Synonymous Constraint Track Hub

Description

These tracks represent regions of protein-coding sequences in which the rate of synonymous substitutions during mammalian evolution has been significantly lower or higher than in the rest of that gene. There are two tracks: Synonymous Constraint Elements (SCEs) have had lower than normal synonymous substitution rates while Synonymous Acceleration Elements (SAEs) have had higher than normal rates.

Synonymous Constraint Elements contain functional elements that impose constraint in addition to the constraint imposed on the amino acid sequence. Such overlapping elements could include splicing regulatory elements, dual-coding regions, RNA secondary structures, microRNA target sites, and developmental enhancers (Lin et al. 2011).

Synonymous Acceleration Elements seem to be located in highly mutable areas of genes. They are enriched for de novo mutations and for low frequency non-private single-nucleotide variants (SNVs).

A third track, Regions Searched, shows the coding regions that were searched for SCEs and SAEs. This track can be used to distinguish regions that lack SCEs and SAEs from those that were not studied. (This track is unavailable for hg19.)

Methods

A full description of these tracks can be found in (Wolf 2019).

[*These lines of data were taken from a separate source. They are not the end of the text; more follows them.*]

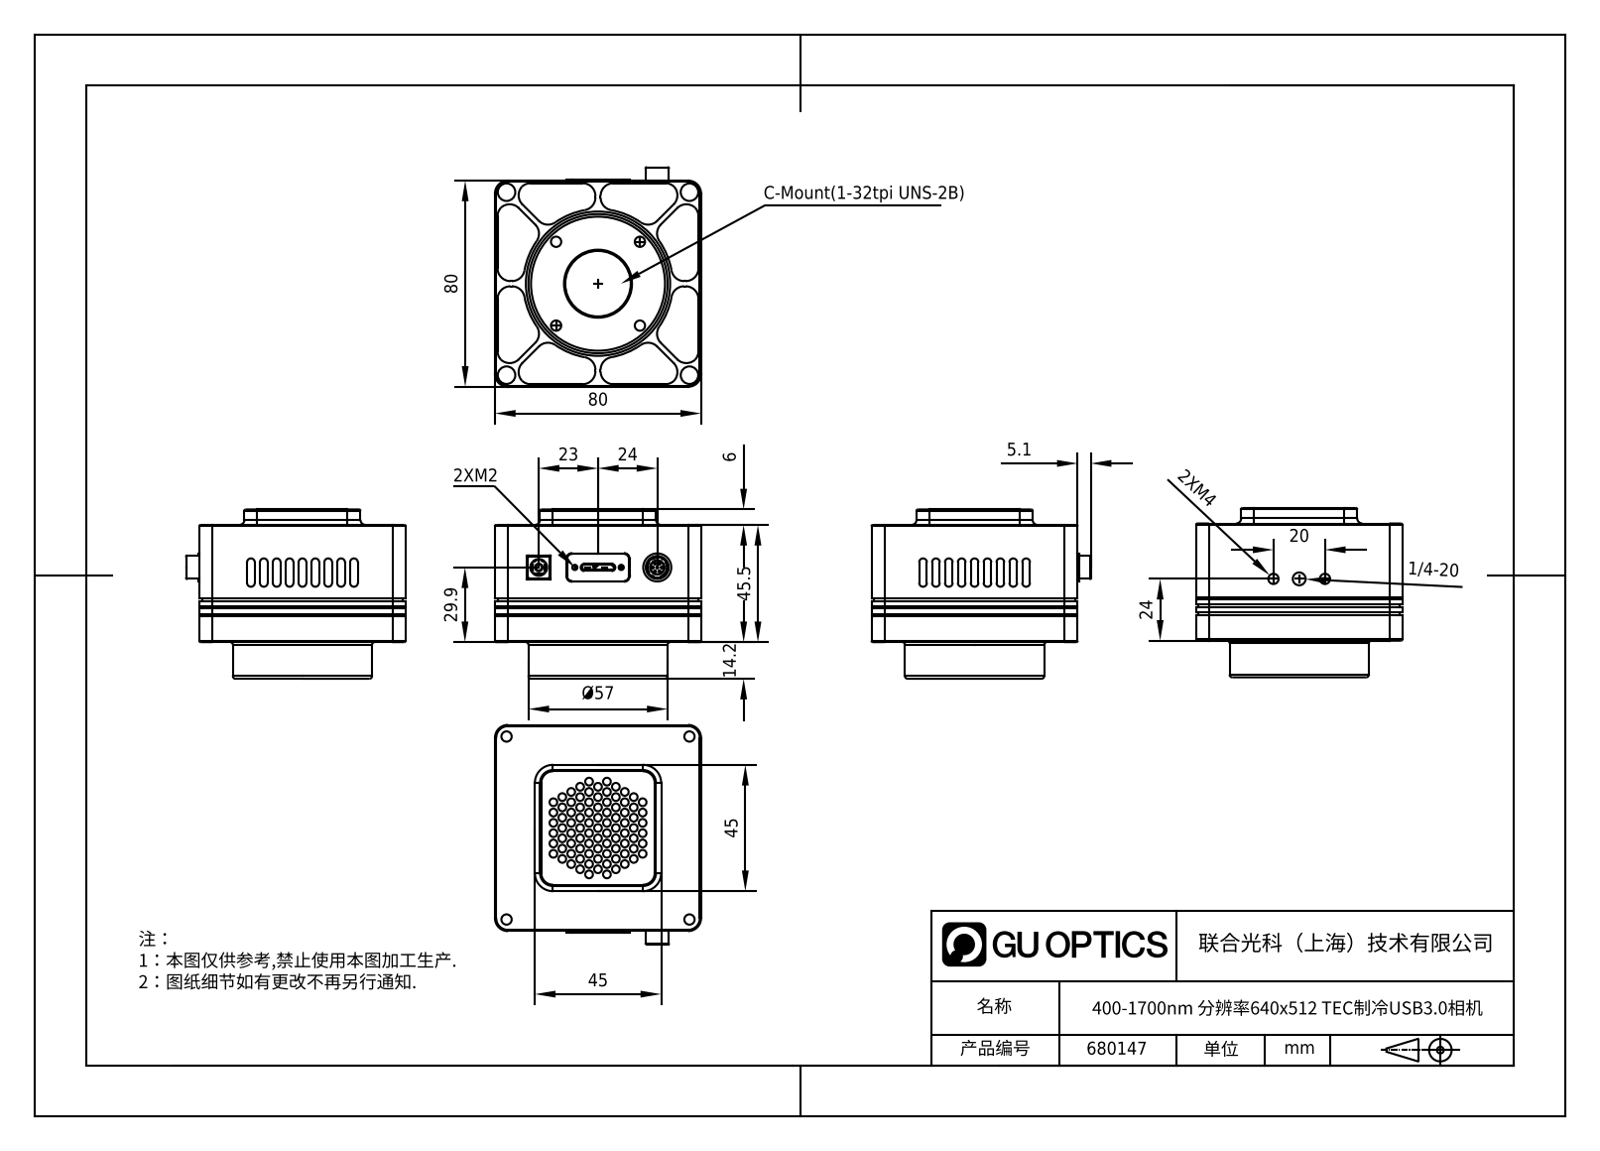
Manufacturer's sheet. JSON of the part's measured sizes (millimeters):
{"part_name": "680136", "step_written_by": "SolidWorks 2020 (CONFIG_CONTROL_DESIGN)", "units": "millimeters", "bodies": {"solids": 16, "faces": 1748, "planar": 907, "cylindrical": 715, "other": 126}, "overall_size": [85.1, 80, 65.7], "volume_mm3": 314598, "surface_area_mm2": 44584, "round_holes": [[3, 89], [4, 10], [0.8, 7], [6.8, 4], [1.6, 2], [2.85, 1], [5, 1], [5.8, 1], [25.4, 1]], "round_bosses_or_shafts": [[1.2, 9], [0.5, 7], [3.6, 2], [54, 1], [10.9, 1], [8.9, 1], [7.9, 1], [5.6, 1]], "partial_cylinders_radius": [[5, 48], [0.2, 47], [0.5, 41], [0.15, 39], [1.5, 18], [2, 16], [0.25, 12], [0.1, 6]], "face_to_face_distances": [80, 1, 42.5, 3, 6, 17.2, 10, 5, 59.7, 11], "hole_center_spacings": [6.93, 10.58, 4, 8, 4.01, 18.33, 12, 55.22]}
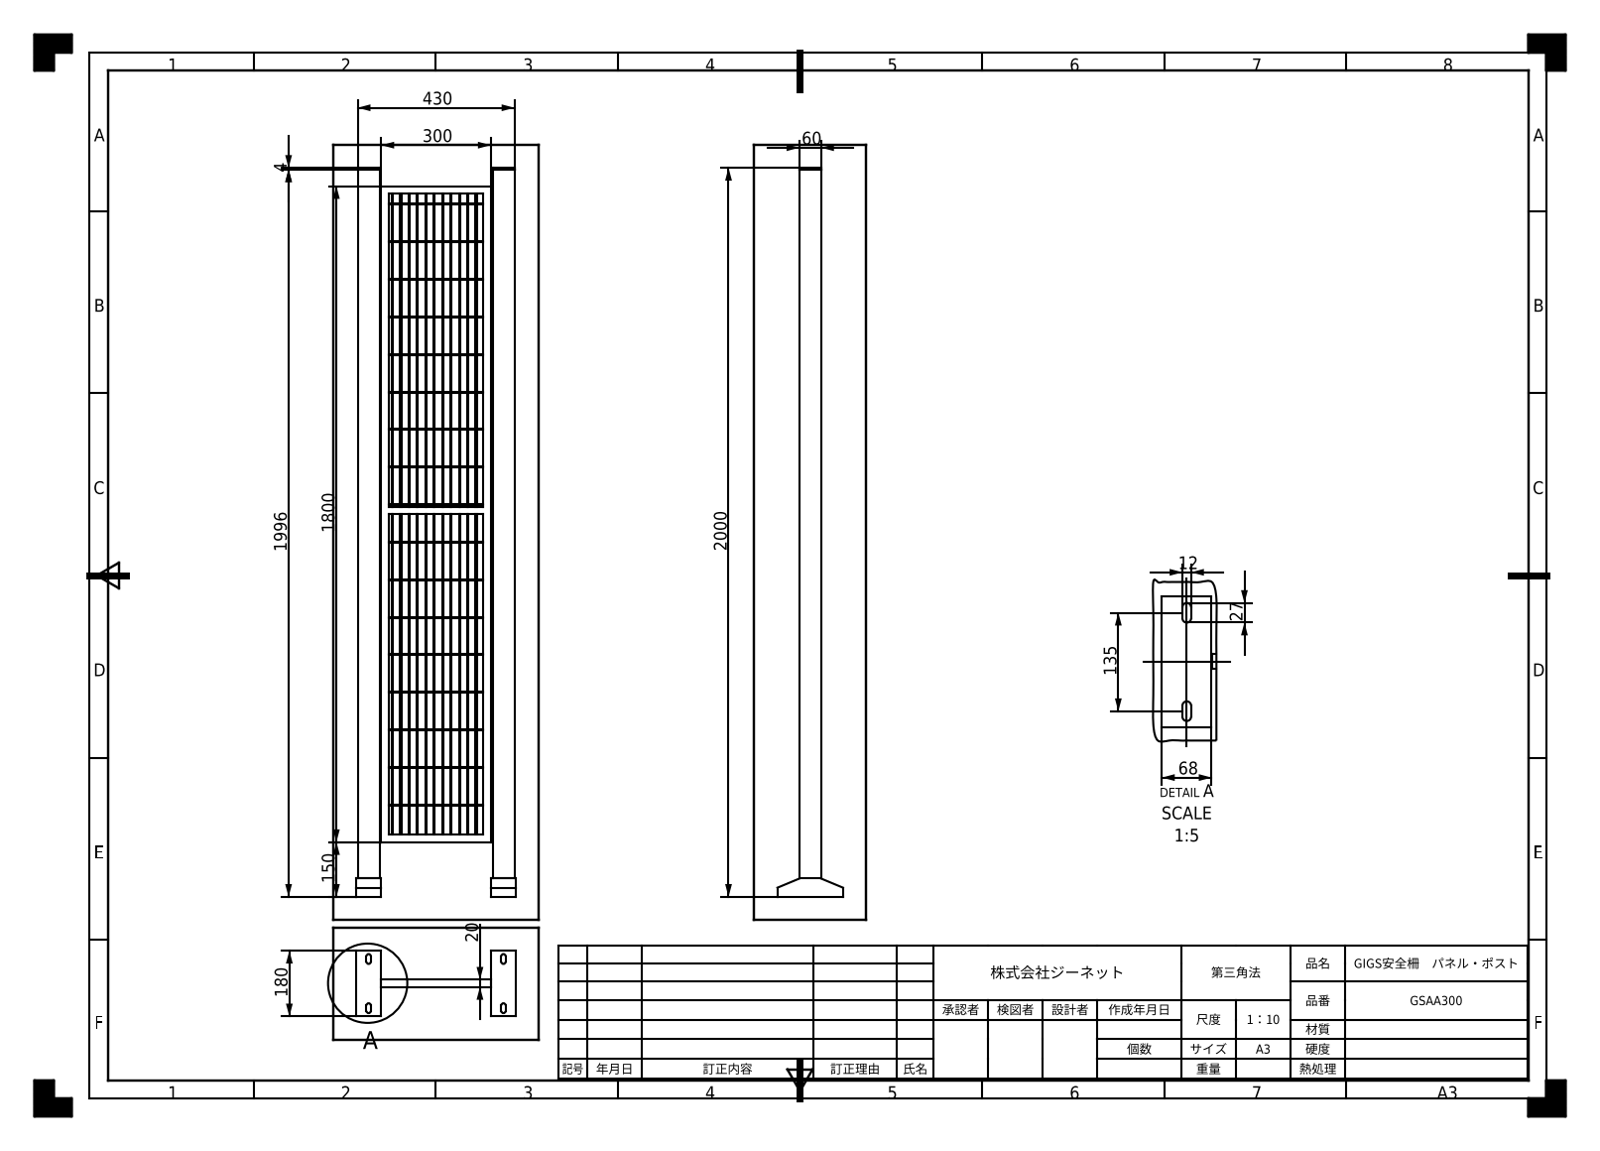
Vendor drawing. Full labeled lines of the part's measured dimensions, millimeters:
Part name (STEP PRODUCT): post_3; GSAA300_1; GSAA300_202104
STEP written by: SIEMENS PLM Software NX 12.0 (AUTOMOTIVE_DESIGN)
Units: millimetres
Bodies: 33 solids, 156 faces (118 planar, 38 cylindrical, 0 other)
Overall size (bounding box): 2000 × 438 × 180
Volume: 16 980 000 mm³ · Surface area: 1 626 000 mm²
Round bosses / shafts (diameter × count): ⌀3 ×28
Partial cylindrical surfaces — rounded edges, fillets, slot ends (radius × count): R6 ×8
Main face-to-face distances: 60, 370, 20, 430, 310, 39.37, 20.63, 19.37, 40.63, 65
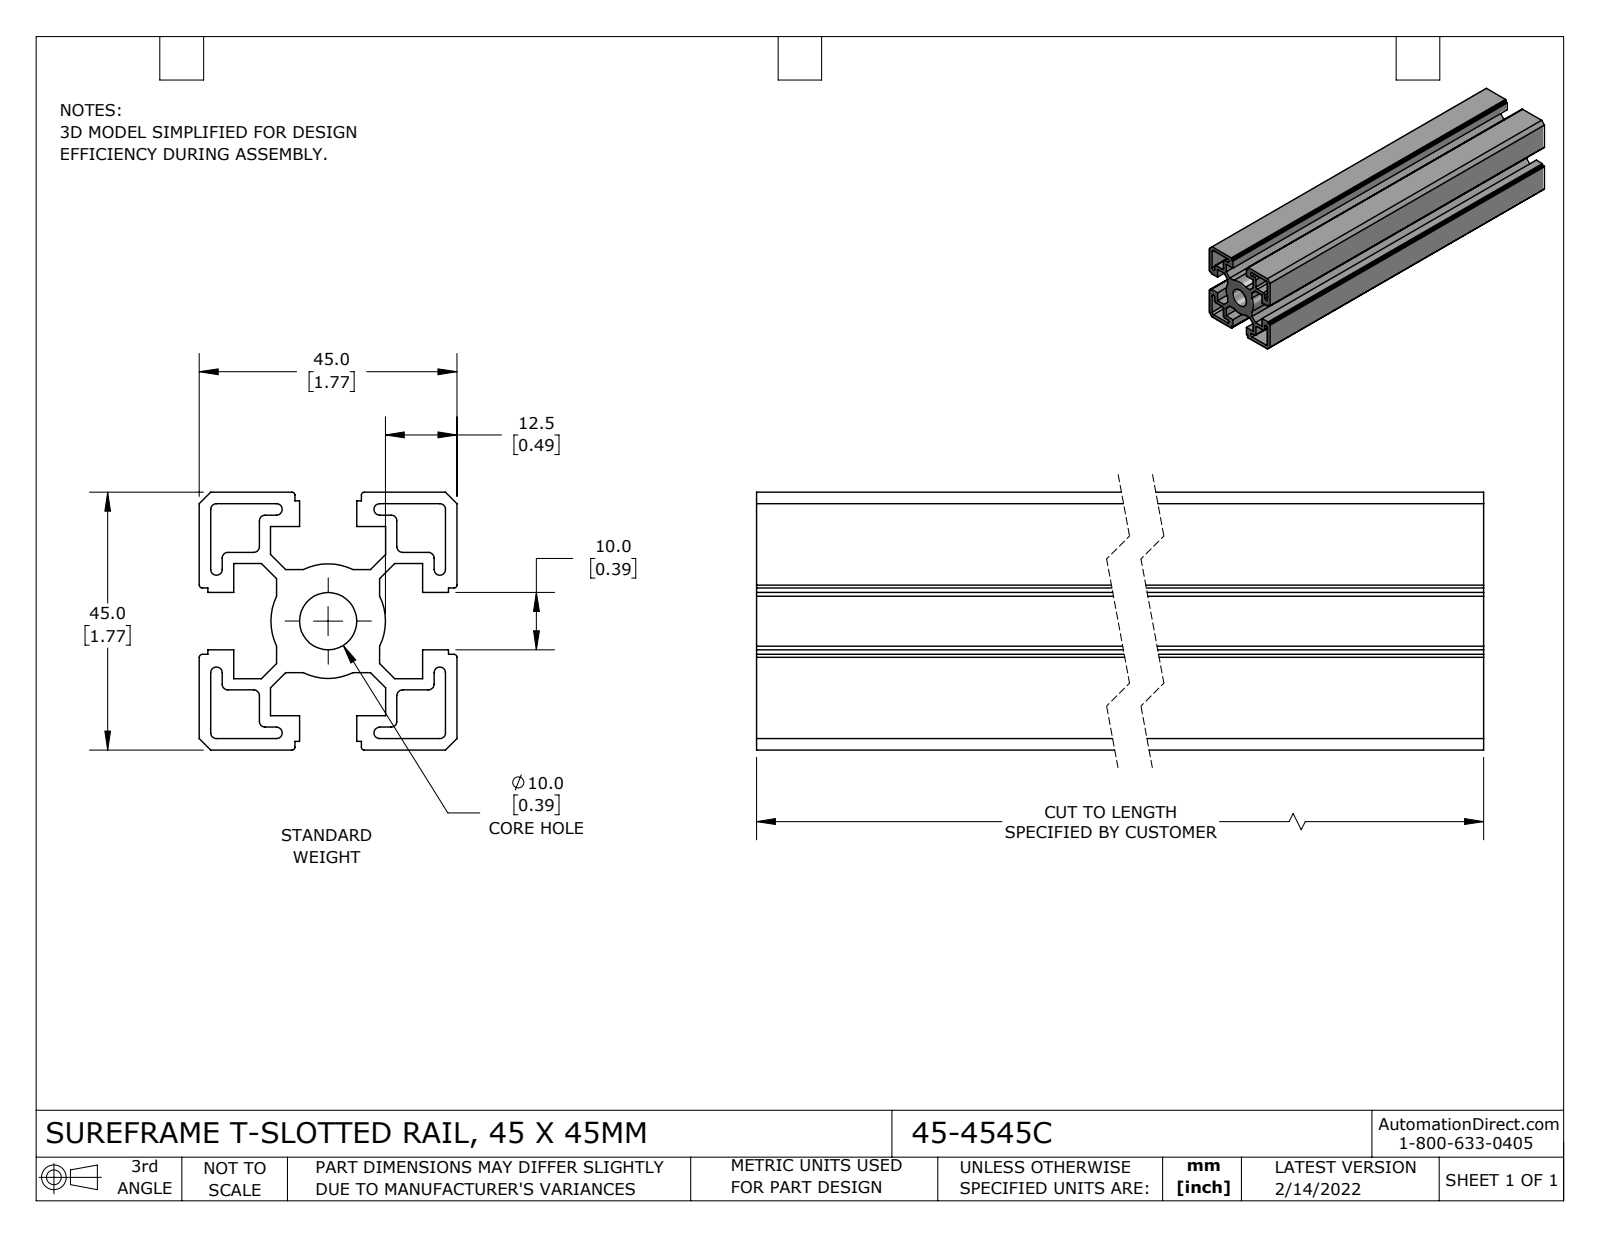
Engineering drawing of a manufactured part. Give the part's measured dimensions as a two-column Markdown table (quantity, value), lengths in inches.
| quantity | value |
| --- | --- |
| part name | 45-4545C |
| STEP written by | SolidWorks 2021 (CONFIG_CONTROL_DESIGN) |
| units | inches |
| bodies | 1 solid, 134 faces (94 planar, 40 cylindrical, 0 other) |
| overall size | 8 × 1.772 × 1.772 |
| volume | 9.761 in³ |
| surface area | 181.6 in² |
| round holes (diameter × count) | 0.394 × 1 |
| partial cylindrical surfaces (radius × count) | 0.039 × 24, 0.02 × 8, 0.394 × 1 |
| main face-to-face distances | 0.079, 1.693, 0.157, 0.453, 1.004, 1.614, 1.772, 1.535, 1.083, 1.457 |

The regions were determined using FRESCo (Sealfon et al. 2015) with 9 codon windows. FRESCo first fits a maximum-likelihood HKY model of nucleotide evolution to the sequence alignment of the coding region of each gene. Using the parameters from the nucleotide model, it then estimates branch lengths and codon model parameters for that gene using a Muse-Gaut 94 type model with an F3x4 estimator of equilibrium codon frequencies. Finally, it runs a scanning window across the alignment. For each window, it estimates position-specific synonymous and nonsynonymous substitution rates (alternative model) and position-specific nonsynonymous substitution rate only, keeping the synonymous rate at the gene-wide average (null model), and performs a likelihood ratio test to compare the two models. The probabilities for each window were Bonferroni corrected to allow for differences in gene length to a significance threshold of 0.05. We merged neighboring significant windows, and designated as SCEs those regions with significantly lower synonymous rates, and as SAEs those with significantly higher synonymous rates, i.e., those regions that are significantly depleted or enriched, respectively, for synonymous substitutions, relative to the gene-wide average.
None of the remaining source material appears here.